Creates Quality Care Institute and Oregon Health Insurance Exchange in Oregon Health Authority.
Requires authority to implement premium assistance program. Requires authority to streamline application process for medical assistance and premium assistance programs. Requires authority to increase reimbursement rates for health services providers participating in medical assistance programs.
Requires authority to conduct outreach for and marketing of medical assistance and premium assistance programs.
Creates tax on health insurance and managed care plans. Sets fixed rate for hospital assessment and removes sunset. Creates new cigarette tax. Establishes Oregon Health Authority Fund. Deposits moneys from taxes and assessments into fund. Continuously appropriates moneys in fund to authority for purpose of carrying out functions of authority.

(Duties of Oregon Health Authority Board)

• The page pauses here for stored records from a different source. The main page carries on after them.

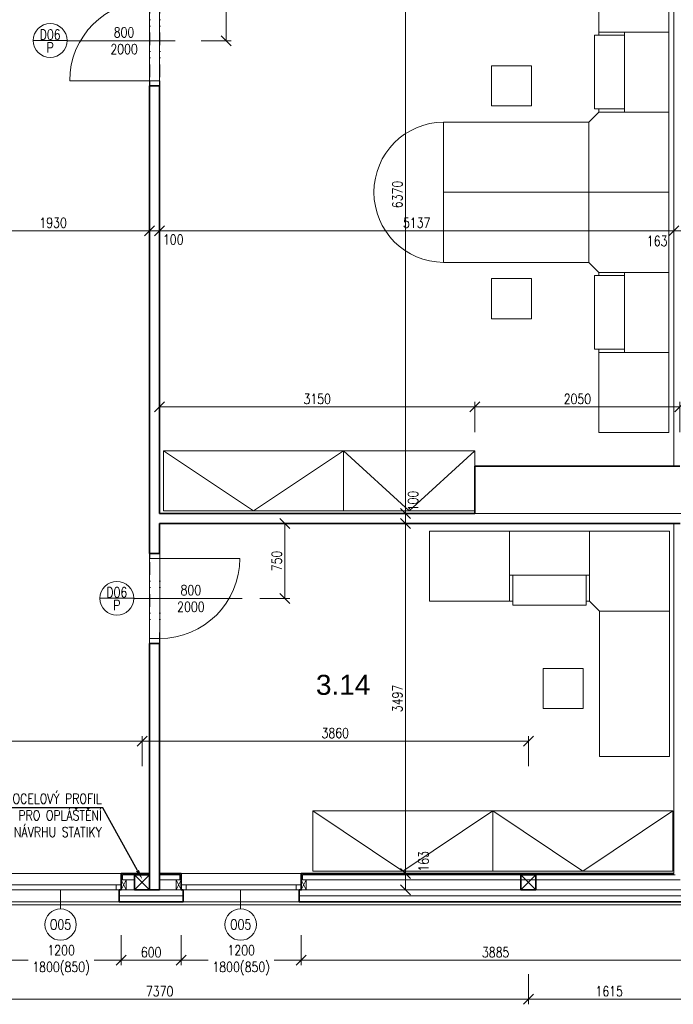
# Model space of a CAD drawing. Header units: millimetres. Extents: x -485339 to 350584, y -1189934 to 0.
# Tile 51 of 178: x -66474 to -59942, y -1129380 to -1119547. Entities that reach past the tile are written whole.
import ezdxf
from ezdxf import colors
from ezdxf.entities.mleader import LeaderData, LeaderLine
from ezdxf.enums import TextEntityAlignment as Align
from ezdxf.math import Vec2, Vec3

# ---------------------------------------------------------------- set-up
doc = ezdxf.new("R2010")
doc.units = ezdxf.units.MM
doc.header["$LTSCALE"] = 10
doc.linetypes.add('DĚLICÍ2', pattern=[15.875, 6.35, -3.175, 0, -3.175, 0, -3.175])
doc.layers.get('Defpoints').update_dxf_attribs({"color": 201})
for name, color, linetype, lineweight in [('A_vybavení', 252, 'Continuous', 18), ('N_dveře', 10, 'Continuous', 18), ('N_kóty', 10, 'Continuous', 18), ('N_okna', 10, 'Continuous', 18), ('N_popis', 10, 'Continuous', 18), ('N_popis_otvory', 10, 'Continuous', 18), ('N_čáry_obrys', 10, 'Continuous', 35), ('N_čáry_obv.plášt', 212, 'Continuous', 18), ('N_čáry_obv.plášt_obrys', 212, 'Continuous', 35), ('N_čáry_plné', 10, 'Continuous', 18), ('St__otvory_dveře', 40, 'Continuous', 18), ('St_kóty', 132, 'Continuous', 18), ('St_lehký obvodový plášť', 152, 'Continuous', 18), ('St_plocha_místnosti', 250, 'Continuous', 18), ('St_sloupy_opláštění_půdorys', 25, 'Continuous', 35), ('St_čáry_obrys', 5, 'Continuous', 35), ('St_čáry_plné', 250, 'Continuous', 18)]:
    doc.layers.add(name, color=color, linetype=linetype, lineweight=lineweight)
doc.layers.add('St_plocha_místn', color=140, linetype='Continuous', lineweight=18, plot=False)
doc.styles.add('Andy', font='arial.ttf')
doc.styles.get("Standard").update_dxf_attribs({"font": 'simplex.shx', "width": 0.8})
doc.linetypes.add('ZIGZAG', pattern='A,0.00254,-5.08,[131,ltypeshp.shx,S=5.08,R=0,X=-5.08,Y=0],-10.16,[131,ltypeshp.shx,S=5.08,R=180,X=5.08,Y=0],-5.08', length=20.32254)
doc.dimstyles.new('stavebníM50 vnitřní', dxfattribs={"dimtxt": 100, "dimasz": 100, "dimexe": 50, "dimexo": 100, "dimgap": 30, "dimtad": 1, "dimdec": 0, "dimtxsty": 'Standard', "dimblk": 'OBLIQUE', "dimcen": 2.5, "dimclrd": 256, "dimclre": 256, "dimclrt": 256, "dimadec": 0, "dimazin": 0, "dimtfac": 1, "dimtdec": 0, "dimtmove": 2, "dimatfit": 2, "dimldrblk": 'OBLIQUE', "dimfxl": 250, "dimfxlon": 1, "dimlwd": -1, "dimlwe": -1, "dimarcsym": 0})

# ---------------------------------------------------------------- blocks, each defined once
blk = doc.blocks.new('G$C2A6251B2')
at = {"layer": 'St_lehký obvodový plášť', "color": 0, "ltscale": 2}
for points in [[(0, -50), (1200, -50), (1200, 0), (0, 0)], [(0, -50), (50, -50), (50, 0), (0, 0)], [(1200, -50), (1150, -50), (1150, 0), (1200, 0)]]:
    blk.add_lwpolyline(points, close=True, dxfattribs=at)
blk = doc.blocks.new('G$CBB62DE26')
at = {"layer": 'St_sloupy_opláštění_půdorys', "color": 0, "ltscale": 2}
blk.add_lwpolyline([(-75, -150), (75, -150), (75, 0), (-75, 0)], close=True, dxfattribs=at)
for points in [[(-75, 0), (75, -150)], [(75, 0), (-75, -150)]]:
    blk.add_lwpolyline(points, dxfattribs=at)
blk = doc.blocks.new('G$CC1796412')
at = {"layer": 'St__otvory_dveře', "color": 0, "ltscale": 2}
blk.add_lwpolyline([(850, 0.8), (850, 800.8)], dxfattribs=at)
at = {"layer": 'St__otvory_dveře', "ltscale": 2}
for points in [[(50, 0), (0, 0), (0, -100), (50, -100)], [(900, 0.8), (850, 0.8), (850, -99.2), (900, -99.2)]]:
    blk.add_lwpolyline(points, close=True, dxfattribs=at)
at = {"layer": 'St__otvory_dveře', "linetype": 'DĚLICÍ2', "ltscale": 2}
for points in [[(50, 0), (850, 0.8)], [(50, -100), (850, -99.2)]]:
    blk.add_lwpolyline(points, dxfattribs=at)
at = {"layer": 'St__otvory_dveře', "color": 0, "ltscale": 2}
blk.add_arc((850, 0.8), 800, 90, 180, dxfattribs=at)
blk = doc.blocks.new('_OBLIQUE')
at = {"color": 0, "linetype": 'ByBlock'}
blk.add_line((-0.5, -0.5), (0.5, 0.5), dxfattribs=at)
blk = doc.blocks.new('*D6450')
at = {"layer": 'Defpoints', "color": 0}
for p in [(-67104.9, -1120147.2), (-65175.3, -1120207.2), (-65175.3, -1121654.8)]:
    blk.add_point(p, dxfattribs=at)
at = {"layer": 'St_kóty'}
for p, q in [((-67104.9, -1121404.8), (-67104.9, -1121704.8)), ((-65175.3, -1121404.8), (-65175.3, -1121704.8)), ((-67104.9, -1121654.8), (-65175.3, -1121654.8))]:
    blk.add_line(p, q, dxfattribs=at)
at = {"layer": 'St_kóty', "linetype": 'ByBlock', "xscale": 100, "yscale": 100, "zscale": 100, "rotation": 180}
blk.add_blockref('_OBLIQUE', (-67104.9, -1121654.8), dxfattribs=at)
at = {"layer": 'St_kóty', "linetype": 'ByBlock', "xscale": 100, "yscale": 100, "zscale": 100}
blk.add_blockref('_OBLIQUE', (-65175.3, -1121654.8), dxfattribs=at)
at = {"layer": 'St_kóty', "insert": (-66140.1, -1121574.8), "char_height": 100, "attachment_point": 5}
blk.add_mtext('1930', dxfattribs=at)
blk = doc.blocks.new('*D6451')
at = {"layer": 'Defpoints', "color": 0}
for p in [(-65175.3, -1120207.2), (-65075.3, -1120207.2), (-65075.3, -1121654.8)]:
    blk.add_point(p, dxfattribs=at)
at = {"layer": 'St_kóty'}
for p, q in [((-65175.3, -1121404.8), (-65175.3, -1121704.8)), ((-65075.3, -1121404.8), (-65075.3, -1121704.8)), ((-65175.3, -1121654.8), (-65075.3, -1121654.8))]:
    blk.add_line(p, q, dxfattribs=at)
at = {"layer": 'St_kóty', "linetype": 'ByBlock', "xscale": 100, "yscale": 100, "zscale": 100, "rotation": 180}
blk.add_blockref('_OBLIQUE', (-65175.3, -1121654.8), dxfattribs=at)
at = {"layer": 'St_kóty', "linetype": 'ByBlock', "xscale": 100, "yscale": 100, "zscale": 100}
blk.add_blockref('_OBLIQUE', (-65075.3, -1121654.8), dxfattribs=at)
at = {"layer": 'St_kóty', "insert": (-64939.7, -1121742.3), "char_height": 100, "attachment_point": 5}
blk.add_mtext('100', dxfattribs=at)
blk = doc.blocks.new('*D6452')
at = {"layer": 'Defpoints', "color": 0}
for p in [(-65075.3, -1120207.2), (-59937.9, -1121577.2), (-59937.9, -1121654.8)]:
    blk.add_point(p, dxfattribs=at)
at = {"layer": 'St_kóty'}
for p, q in [((-65075.3, -1121404.8), (-65075.3, -1121704.8)), ((-65075.3, -1121654.8), (-59937.9, -1121654.8)), ((-59937.9, -1121654.8), (-59937.9, -1121704.8))]:
    blk.add_line(p, q, dxfattribs=at)
at = {"layer": 'St_kóty', "linetype": 'ByBlock', "xscale": 100, "yscale": 100, "zscale": 100, "rotation": 180}
blk.add_blockref('_OBLIQUE', (-65075.3, -1121654.8), dxfattribs=at)
at = {"layer": 'St_kóty', "linetype": 'ByBlock', "xscale": 100, "yscale": 100, "zscale": 100}
blk.add_blockref('_OBLIQUE', (-59937.9, -1121654.8), dxfattribs=at)
at = {"layer": 'St_kóty', "insert": (-62506.6, -1121574.8), "char_height": 100, "attachment_point": 5}
blk.add_mtext('5137', dxfattribs=at)
blk = doc.blocks.new('*D6453')
at = {"layer": 'Defpoints', "color": 0}
for p in [(-59937.9, -1121577.2), (-59774.9, -1121654.8), (-59774.9, -1123977.2)]:
    blk.add_point(p, dxfattribs=at)
at = {"layer": 'St_kóty'}
for p, q in [((-59937.9, -1121654.8), (-59937.9, -1121704.8)), ((-59937.9, -1121654.8), (-59774.9, -1121654.8)), ((-59774.9, -1121904.8), (-59774.9, -1121604.8))]:
    blk.add_line(p, q, dxfattribs=at)
at = {"layer": 'St_kóty', "linetype": 'ByBlock', "xscale": 100, "yscale": 100, "zscale": 100, "rotation": 180}
blk.add_blockref('_OBLIQUE', (-59937.9, -1121654.8), dxfattribs=at)
at = {"layer": 'St_kóty', "linetype": 'ByBlock', "xscale": 100, "yscale": 100, "zscale": 100}
blk.add_blockref('_OBLIQUE', (-59774.9, -1121654.8), dxfattribs=at)
at = {"layer": 'St_kóty', "insert": (-60103.2, -1121756.9), "char_height": 100, "attachment_point": 5}
blk.add_mtext('163', dxfattribs=at)
blk = doc.blocks.new('*D6454')
at = {"layer": 'Defpoints', "color": 0}
for p in [(-61925.3, -1123414.4), (-61925.3, -1124007.2), (-65075.3, -1124477.2)]:
    blk.add_point(p, dxfattribs=at)
at = {"layer": 'St_kóty'}
for p, q in [((-65075.3, -1123664.4), (-65075.3, -1123364.4)), ((-61925.3, -1123664.4), (-61925.3, -1123364.4)), ((-65075.3, -1123414.4), (-61925.3, -1123414.4))]:
    blk.add_line(p, q, dxfattribs=at)
at = {"layer": 'St_kóty', "linetype": 'ByBlock', "xscale": 100, "yscale": 100, "zscale": 100, "rotation": 180}
blk.add_blockref('_OBLIQUE', (-65075.3, -1123414.4), dxfattribs=at)
at = {"layer": 'St_kóty', "linetype": 'ByBlock', "xscale": 100, "yscale": 100, "zscale": 100}
blk.add_blockref('_OBLIQUE', (-61925.3, -1123414.4), dxfattribs=at)
at = {"layer": 'St_kóty', "insert": (-63500.3, -1123334.4), "char_height": 100, "attachment_point": 5}
blk.add_mtext('3150', dxfattribs=at)
blk = doc.blocks.new('*D6455')
at = {"layer": 'Defpoints', "color": 0}
for p in [(-59875.3, -1123414.4), (-61925.3, -1124007.2), (-59875.3, -1124007.2)]:
    blk.add_point(p, dxfattribs=at)
at = {"layer": 'St_kóty'}
for p, q in [((-61925.3, -1123664.4), (-61925.3, -1123364.4)), ((-59875.3, -1123664.4), (-59875.3, -1123364.4)), ((-61925.3, -1123414.4), (-59875.3, -1123414.4))]:
    blk.add_line(p, q, dxfattribs=at)
at = {"layer": 'St_kóty', "linetype": 'ByBlock', "xscale": 100, "yscale": 100, "zscale": 100, "rotation": 180}
blk.add_blockref('_OBLIQUE', (-61925.3, -1123414.4), dxfattribs=at)
at = {"layer": 'St_kóty', "linetype": 'ByBlock', "xscale": 100, "yscale": 100, "zscale": 100}
blk.add_blockref('_OBLIQUE', (-59875.3, -1123414.4), dxfattribs=at)
at = {"layer": 'St_kóty', "insert": (-60900.3, -1123334.4), "char_height": 100, "attachment_point": 5}
blk.add_mtext('2050', dxfattribs=at)
blk = doc.blocks.new('*D6456')
at = {"layer": 'Defpoints', "color": 0}
for p in [(-64250.5, -1124577.2), (-63825.5, -1124577.2), (-64250.5, -1125327.2)]:
    blk.add_point(p, dxfattribs=at)
at = {"layer": 'St_kóty'}
for p, q in [((-64075.5, -1124577.2), (-63775.5, -1124577.2)), ((-63825.5, -1125327.2), (-63825.5, -1124577.2)), ((-64075.5, -1125327.2), (-63775.5, -1125327.2))]:
    blk.add_line(p, q, dxfattribs=at)
at = {"layer": 'St_kóty', "linetype": 'ByBlock', "xscale": 100, "yscale": 100, "zscale": 100}
for p, rotation in [((-63825.5, -1124577.2), 90), ((-63825.5, -1125327.2), 270)]:
    blk.add_blockref('_OBLIQUE', p, dxfattribs=dict(at, rotation=rotation))
at = {"layer": 'St_kóty', "insert": (-63905.5, -1124952.2), "char_height": 100, "attachment_point": 5, "rotation": 90}
blk.add_mtext('750', dxfattribs=at)
blk = doc.blocks.new('*D6457')
at = {"layer": 'Defpoints', "color": 0}
for p in [(-64860.1, -1128074.2), (-62619.9, -1128074.2), (-64810.1, -1128237.2)]:
    blk.add_point(p, dxfattribs=at)
at = {"layer": 'St_kóty'}
for p, q in [((-62869.9, -1128074.2), (-62569.9, -1128074.2)), ((-62619.9, -1128237.2), (-62619.9, -1128074.2)), ((-62869.9, -1128237.2), (-62569.9, -1128237.2))]:
    blk.add_line(p, q, dxfattribs=at)
at = {"layer": 'St_kóty', "linetype": 'ByBlock', "xscale": 100, "yscale": 100, "zscale": 100}
for p, rotation in [((-62619.9, -1128074.2), 90), ((-62619.9, -1128237.2), 270)]:
    blk.add_blockref('_OBLIQUE', p, dxfattribs=dict(at, rotation=rotation))
at = {"layer": 'St_kóty', "insert": (-62438.5, -1127952.1), "char_height": 100, "attachment_point": 5, "rotation": 90}
blk.add_mtext('163', dxfattribs=at)
blk = doc.blocks.new('*D6458')
at = {"layer": 'Defpoints', "color": 0}
for p in [(-62619.9, -1124577.2), (-62475.1, -1124577.2), (-64860.1, -1128074.2)]:
    blk.add_point(p, dxfattribs=at)
at = {"layer": 'St_kóty'}
for p, q in [((-62575.1, -1124577.2), (-62669.9, -1124577.2)), ((-62619.9, -1128074.2), (-62619.9, -1124577.2)), ((-62869.9, -1128074.2), (-62569.9, -1128074.2))]:
    blk.add_line(p, q, dxfattribs=at)
at = {"layer": 'St_kóty', "linetype": 'ByBlock', "xscale": 100, "yscale": 100, "zscale": 100}
for p, rotation in [((-62619.9, -1124577.2), 90), ((-62619.9, -1128074.2), 270)]:
    blk.add_blockref('_OBLIQUE', p, dxfattribs=dict(at, rotation=rotation))
at = {"layer": 'St_kóty', "insert": (-62699.9, -1126325.7), "char_height": 100, "attachment_point": 5, "rotation": 90}
blk.add_mtext('3497', dxfattribs=at)
blk = doc.blocks.new('*D6459')
at = {"layer": 'Defpoints', "color": 0}
for p in [(-62619.9, -1124477.2), (-61925.3, -1124477.2), (-62475.1, -1124577.2)]:
    blk.add_point(p, dxfattribs=at)
at = {"layer": 'St_kóty'}
for p, q in [((-62369.9, -1124477.2), (-62669.9, -1124477.2)), ((-62619.9, -1124577.2), (-62619.9, -1124477.2)), ((-62575.1, -1124577.2), (-62669.9, -1124577.2))]:
    blk.add_line(p, q, dxfattribs=at)
at = {"layer": 'St_kóty', "linetype": 'ByBlock', "xscale": 100, "yscale": 100, "zscale": 100}
for p, rotation in [((-62619.9, -1124477.2), 90), ((-62619.9, -1124577.2), 270)]:
    blk.add_blockref('_OBLIQUE', p, dxfattribs=dict(at, rotation=rotation))
at = {"layer": 'St_kóty', "insert": (-62543.2, -1124353.5), "char_height": 100, "attachment_point": 5, "rotation": 90}
blk.add_mtext('100', dxfattribs=at)
blk = doc.blocks.new('*D6460')
at = {"layer": 'Defpoints', "color": 0}
for p in [(-62619.9, -1118107.2), (-61923.3, -1118107.2), (-61925.3, -1124477.2)]:
    blk.add_point(p, dxfattribs=at)
at = {"layer": 'St_kóty'}
for p, q in [((-62369.9, -1118107.2), (-62669.9, -1118107.2)), ((-62619.9, -1124477.2), (-62619.9, -1118107.2)), ((-62369.9, -1124477.2), (-62669.9, -1124477.2))]:
    blk.add_line(p, q, dxfattribs=at)
at = {"layer": 'St_kóty', "linetype": 'ByBlock', "xscale": 100, "yscale": 100, "zscale": 100}
for p, rotation in [((-62619.9, -1118107.2), 90), ((-62619.9, -1124477.2), 270)]:
    blk.add_blockref('_OBLIQUE', p, dxfattribs=dict(at, rotation=rotation))
at = {"layer": 'St_kóty', "insert": (-62699.9, -1121292.2), "char_height": 100, "attachment_point": 5, "rotation": 90}
blk.add_mtext('6370', dxfattribs=at)
blk = doc.blocks.new('*D6466')
at = {"layer": 'Defpoints', "color": 0}
for p in [(-64920.3, -1118107.2), (-64409.5, -1118107.2), (-64920.3, -1119757.2)]:
    blk.add_point(p, dxfattribs=at)
at = {"layer": 'St_kóty'}
for p, q in [((-64659.5, -1118107.2), (-64359.5, -1118107.2)), ((-64409.5, -1119757.2), (-64409.5, -1118107.2)), ((-64659.5, -1119757.2), (-64359.5, -1119757.2))]:
    blk.add_line(p, q, dxfattribs=at)
at = {"layer": 'St_kóty', "linetype": 'ByBlock', "xscale": 100, "yscale": 100, "zscale": 100}
for p, rotation in [((-64409.5, -1118107.2), 90), ((-64409.5, -1119757.2), 270)]:
    blk.add_blockref('_OBLIQUE', p, dxfattribs=dict(at, rotation=rotation))
at = {"layer": 'St_kóty', "insert": (-64489.5, -1118932.2), "char_height": 100, "attachment_point": 5, "rotation": 90}
blk.add_mtext('1650', dxfattribs=at)
blk = doc.blocks.new('*D6494')
at = {"layer": 'Defpoints', "color": 0}
for p in [(-59774.9, -1128237.2), (-63660.1, -1128287.2), (-63660.1, -1128940.6)]:
    blk.add_point(p, dxfattribs=at)
at = {"layer": 'St_kóty'}
for p, q in [((-63660.1, -1128690.6), (-63660.1, -1128990.6)), ((-59774.9, -1128690.6), (-59774.9, -1128990.6)), ((-59774.9, -1128940.6), (-63660.1, -1128940.6))]:
    blk.add_line(p, q, dxfattribs=at)
at = {"layer": 'St_kóty', "linetype": 'ByBlock', "xscale": 100, "yscale": 100, "zscale": 100, "rotation": 180}
blk.add_blockref('_OBLIQUE', (-63660.1, -1128940.6), dxfattribs=at)
at = {"layer": 'St_kóty', "linetype": 'ByBlock', "xscale": 100, "yscale": 100, "zscale": 100}
blk.add_blockref('_OBLIQUE', (-59774.9, -1128940.6), dxfattribs=at)
at = {"layer": 'St_kóty', "insert": (-61717.5, -1128860.6), "char_height": 100, "attachment_point": 5}
blk.add_mtext('3885', dxfattribs=at)
blk = doc.blocks.new('*D6495')
at = {"layer": 'Defpoints', "color": 0}
for p in [(-64860.1, -1128262.2), (-63660.1, -1128287.2), (-64860.1, -1128940.6)]:
    blk.add_point(p, dxfattribs=at)
at = {"layer": 'St_kóty'}
for p, q in [((-64860.1, -1128690.6), (-64860.1, -1128990.6)), ((-63660.1, -1128690.6), (-63660.1, -1128990.6)), ((-64860.1, -1128940.6), (-64589.2, -1128940.6)), ((-63660.1, -1128940.6), (-63931.1, -1128940.6))]:
    blk.add_line(p, q, dxfattribs=at)
at = {"layer": 'St_kóty', "linetype": 'ByBlock', "xscale": 100, "yscale": 100, "zscale": 100, "rotation": 180}
blk.add_blockref('_OBLIQUE', (-64860.1, -1128940.6), dxfattribs=at)
at = {"layer": 'St_kóty', "linetype": 'ByBlock', "xscale": 100, "yscale": 100, "zscale": 100}
blk.add_blockref('_OBLIQUE', (-63660.1, -1128940.6), dxfattribs=at)
at = {"layer": 'St_kóty', "insert": (-64260.1, -1128940.6), "char_height": 100, "attachment_point": 5}
blk.add_mtext('1200\\P1800(850)', dxfattribs=at)
blk = doc.blocks.new('*D6496')
at = {"layer": 'Defpoints', "color": 0}
for p in [(-65460.1, -1128262.2), (-64860.1, -1128262.2), (-65460.1, -1128940.6)]:
    blk.add_point(p, dxfattribs=at)
at = {"layer": 'St_kóty'}
for p, q in [((-65460.1, -1128690.6), (-65460.1, -1128990.6)), ((-64860.1, -1128690.6), (-64860.1, -1128990.6)), ((-64860.1, -1128940.6), (-65460.1, -1128940.6))]:
    blk.add_line(p, q, dxfattribs=at)
at = {"layer": 'St_kóty', "linetype": 'ByBlock', "xscale": 100, "yscale": 100, "zscale": 100, "rotation": 180}
blk.add_blockref('_OBLIQUE', (-65460.1, -1128940.6), dxfattribs=at)
at = {"layer": 'St_kóty', "linetype": 'ByBlock', "xscale": 100, "yscale": 100, "zscale": 100}
blk.add_blockref('_OBLIQUE', (-64860.1, -1128940.6), dxfattribs=at)
at = {"layer": 'St_kóty', "insert": (-65160.1, -1128860.6), "char_height": 100, "attachment_point": 5}
blk.add_mtext('600', dxfattribs=at)
blk = doc.blocks.new('*D6504')
at = {"layer": 'Defpoints', "color": 0}
for p in [(-68760.1, -1128162.2), (-61390.3, -1128162.2), (-61390.3, -1129330.1)]:
    blk.add_point(p, dxfattribs=at)
at = {"layer": 'St_kóty'}
for p, q in [((-68760.1, -1129080.1), (-68760.1, -1129380.1)), ((-61390.3, -1129080.1), (-61390.3, -1129380.1)), ((-68760.1, -1129330.1), (-61390.3, -1129330.1))]:
    blk.add_line(p, q, dxfattribs=at)
at = {"layer": 'St_kóty', "linetype": 'ByBlock', "xscale": 100, "yscale": 100, "zscale": 100, "rotation": 180}
blk.add_blockref('_OBLIQUE', (-68760.1, -1129330.1), dxfattribs=at)
at = {"layer": 'St_kóty', "linetype": 'ByBlock', "xscale": 100, "yscale": 100, "zscale": 100}
blk.add_blockref('_OBLIQUE', (-61390.3, -1129330.1), dxfattribs=at)
at = {"layer": 'St_kóty', "insert": (-65075.2, -1129250.1), "char_height": 100, "attachment_point": 5}
blk.add_mtext('7370', dxfattribs=at)
blk = doc.blocks.new('*D6505')
at = {"layer": 'Defpoints', "color": 0}
for p in [(-61390.3, -1128162.2), (-59774.9, -1128237.2), (-59774.9, -1129330.1)]:
    blk.add_point(p, dxfattribs=at)
at = {"layer": 'St_kóty'}
for p, q in [((-61390.3, -1129080.1), (-61390.3, -1129380.1)), ((-59774.9, -1129080.1), (-59774.9, -1129380.1)), ((-61390.3, -1129330.1), (-59774.9, -1129330.1))]:
    blk.add_line(p, q, dxfattribs=at)
at = {"layer": 'St_kóty', "linetype": 'ByBlock', "xscale": 100, "yscale": 100, "zscale": 100, "rotation": 180}
blk.add_blockref('_OBLIQUE', (-61390.3, -1129330.1), dxfattribs=at)
at = {"layer": 'St_kóty', "linetype": 'ByBlock', "xscale": 100, "yscale": 100, "zscale": 100}
blk.add_blockref('_OBLIQUE', (-59774.9, -1129330.1), dxfattribs=at)
at = {"layer": 'St_kóty', "insert": (-60582.6, -1129250.1), "char_height": 100, "attachment_point": 5}
blk.add_mtext('1615', dxfattribs=at)
blk = doc.blocks.new('G$C06EEB7C7')
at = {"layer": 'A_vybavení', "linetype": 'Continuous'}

SECTION 10. (1) The duties of the Oregon Health Authority Board are to:
(a) Be the policy-making and oversight body for the Oregon Health Authority established in section 11 of this 2009 Act and all of the authority¢s departmental divisions, including the Quality Care Institute and the Oregon Health Insurance Exchange described in sections 17 and 18 of this 2009 Act.
(b) Implement a program to provide health insurance premium assistance to all low and moderate income families residing in Oregon.
(c) Establish health benefit plans for individuals who are covered under the Public Employees Benefit Board and the Oregon Educators Benefit Board that will achieve optimal coordination among state agencies that provide health care benefits.
(d) Establish and continuously refine uniform, statewide health care quality standard for use by all purchasers of health care, third party payers and health care providers as quality performance benchmarks.
(e) Establish clinical standards and guidelines described in section 18 (3)(f)(B) of this 2009
Act.
(f) Approve and monitor community-centered health initiatives described in section 11 of this 2009 Act that are consistent with public health goals, strategies, programs and performance standards adopted by the board to improve the health of all Oregonians and shall regularly report to the Legislative Assembly on the accomplishments and needed changes to the initiatives.
(g) Establish cost control mechanisms to limit increases in health care costs in this state to an amount no greater than the U.S. City Average Consumer Price Index for medical care as published by the Bureau of Labor Statistics of the United States Department of Labor minus one percent, by the year 2015.
(h) Work with the Oregon congressional delegation to advance the adoption of or changes in federal policy to promote Orego’ns comprehensive health reform plan.
(i) Establish an essential benefit package for all insurance offered through the Oregon Health Insurance Exchange.